Недалече, елозя на пне тощим задом, сидела по пояс голая Албасты. Все шесть ее дряблых грудей свисали вниз, словно длинные плети, заканчивающиеся острыми, как лезвия кинжалов концами. Встретив на своем пути очередную жертву, а это были в основном молодые женщины, в чьем лоне зарождалась новая жизнь, Албасты принималась с воем кружиться в сумасшедшем вихре, кромсая ее своими отточенными хлыстами на мелкие куски. Главной целью этой злыдни, ее предназначением было не дать зародиться новой жизни, ибо человек был ее главным врагом, а ее неистовым желанием – извести людей, населявших Срединный мир.

– Ох! – сиплым и грубым голосом выдохнула Албасты, тщетно пытаясь затолкать торчащие концы седой с желтизной гривы под изрядно потрепанный и утерявший всякий цвет платок, которым волосы были прихвачены на макушке, – уж сколь веков прошло и сколь младенцев я погубила, но кут35 так и не смогла поймать. До самых облаков взмывала, да только дух этот проворней, чем пущенная стрела. Улетает туда, в Небо по своему предназначению. Ну никак в руки не дается. Да разве Творец небесный кому-то из нас позволит к нему даже прикоснуться? Уж поверь моему слову, сестрица, тебе его не поймать.

Албасты скривила свои блеклые, мясистые губы, потрогала кривым длинным ногтем пук волос, растущий на подбородке, и опять тяжело, гнусаво вздохнула. При этом ее большие хрящеватые и заостренные уши вылезли из-под платка, а внушительный кадык дернулся и хищные, плоские ноздри раздались, как капюшон кобры перед броском.

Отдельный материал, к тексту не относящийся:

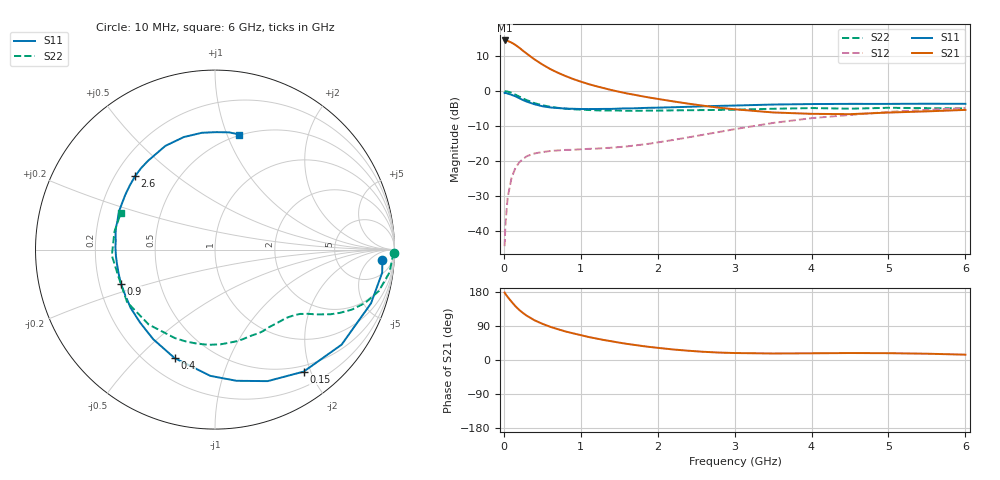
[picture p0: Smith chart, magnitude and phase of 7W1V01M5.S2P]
! Infineon Technologies  Discrete & RF Semiconductors
! BFS17W
! Si NPN RF Bipolar Junction Transistor in SOT323
! VCE = 1 V  IC = 1.5 mA
! Common Emitter S-Parameters:  August  1999
# GHz  S  MA  R  50
!  f  S11  S21  S12  S22
! GHz  MAG  ANG  MAG  ANG  MAG  ANG  MAG  ANG
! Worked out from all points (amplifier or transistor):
!   36 points, 10 MHz to 6 GHz, reference 50 ohm
!   highest |S21| = 14.4 dB at 10 MHz (marker M1)
!   |S21| within 3 dB of that: start of sweep to 252.4 MHz
!   unconditionally stable (mu >= 1): 844.4 MHz to end of sweep
!   at 250 MHz: K = 0.33, MSG = 15.4 dB, |S12| = -19.4 dB
!   at 1.4 GHz: K = 1.39, MAG = 4.5 dB, |S12| = -16.2 dB
!   at 6 GHz: K = 1.13, MAG = -2.5 dB, |S12| = -4.9 dB
!   S11 on the Smith chart (normalised r, x): 10 MHz: 15, -15; 150 MHz: 0.41, -1.89; 400 MHz: 0.31, -0.65; 900 MHz: 0.29, -0.16; 2.6 GHz: 0.28, +0.36; 6 GHz: 0.49, +1.11
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0.01  0.9346 -3.7  5.261 178.0  0.0061 85.8  0.9981 -1.0
0.02  0.9402 -7.9  5.26 174.6  0.0122 85.5  0.989 -2.9
0.05  0.9193 -19.0  5.18 166.3  0.0303 80.0  0.9807 -7.4
0.1  0.8821 -36.9  4.904 153.8  0.0575 69.2  0.9416 -14.2
0.15  0.8402 -54.0  4.543 142.0  0.0795 60.0  0.887 -19.6
0.2  0.7893 -68.2  4.149 132.2  0.0958 53.7  0.8323 -23.7
0.25  0.7407 -80.7  3.742 123.9  0.1073 47.4  0.7795 -26.9
0.3  0.7041 -92.1  3.397 116.6  0.1174 43.2  0.7383 -29.2
0.4  0.6451 -110.4  2.818 104.7  0.1285 37.1  0.6701 -32.6
0.5  0.6064 -124.6  2.392 95.6  0.1343 33.1  0.6266 -34.8
0.6  0.5824 -136.0  2.066 87.8  0.139 31.1  0.5954 -37.0
0.8  0.5607 -153.4  1.637 75.4  0.1442 29.8  0.5598 -41.9
0.9  0.5573 -160.0  1.483 70.4  0.1448 29.7  0.5476 -44.3
1.1  0.552 -171.7  1.256 60.8  0.1494 31.2  0.5351 -49.9
1.6  0.5655 167.0  0.923 42.6  0.1617 38.6  0.5211 -65.9
2.2  0.5858 148.5  0.711 27.8  0.2 47.9  0.5286 -86.6
2.6  0.6047 137.4  0.615 21.6  0.2381 51.2  0.5335 -100.8
3.5  0.6406 115.6  0.494 17.2  0.3499 48.8  0.5574 -131.5
4  0.6507 105.5  0.472 17.7  0.4097 43.6  0.5706 -149.1
4.5  0.655 96.4  0.467 18.4  0.4547 37.9  0.5587 -164.4
5.5  0.6578 83.1  0.512 16.6  0.5369 26.9  0.569 169.9
6  0.6554 78.0  0.537 14.1  0.5694 21.6  0.5634 158.7

– Да знаю я, – обернувшись, поморщилась в ответ Мыстан, сверкнув длинными клыками, – если даже наш всемогущий Эрлик пытался этот самый кут изловить, так почему я должна, не веря, опустить руки? Вот, теперь приходится терпеть мучения и едва ли не впустую стряпать этот вар в котле. – Мыстан мечтательно закатила свои выпуклые, с красными прожилками, вечно бегающие туда-сюда злорадные глазки вверх и, почти всхлипнув, произнесла, – Эх, растворить бы в моей стряпне семя сокровенной жизни! И людей себе на радость извести на нет с лица земли. Тогда власть в Срединном мире полностью перешла бы в наши руки. Вот когда мы сумели бы познать сладость дивной победы!

Затем подскочила прямо к краю казана и, нагнувшись, заглянула внутрь. Ее лобастая голова на короткой шее тут же утонула в клубах мутного пара. Седые, лохматые пряди, выбивающиеся из-под платка, повисли над котлом, как пакля. С наслаждением вдохнув крючковатым носом смрадный запах исходящий от варева, она с трудом отошла от зелья. С глаз медленно сошла поволока и зрачки, словно две капли ртути, тут же забегали туда-сюда. Это означало, что старуху одолела неуемная тревога, отчего она принялась судорожно тереть друг об друга свои большие, костистые, унизанные сизыми толстыми венами пятерни. На запястьях загремели браслеты из маленьких мышиных и змеиных черепов, чьих-то стертых временем до сероватой желтизны загнутых клыков. Немного придя в себя, она запахнула пестрый, латаный халат, вынула из казана вилы и, старательно облизнув каждый из зубьев, сказала:

– А снадобье-то неплохое получилось. Поболее в нем, видно, сил-то будет. Только вот гложет меня сомнение… чего-то все ж не достает… а чего, не пойму никак…

– Я знаю, чего, – пробасила Албасты, – нужно младенческой плоти добавить, вот чего. Вроде как именно она могла бы придать зелью остроты.

– Да, так и есть, – пропела нежнейшим голосом самая младшая из сестер Жезтырнак, – я слышала, что новорожденный детеныш хорош в таком деле. Взвар, разведенный его кровью, говорят, способен вызвать дрожь в жилах.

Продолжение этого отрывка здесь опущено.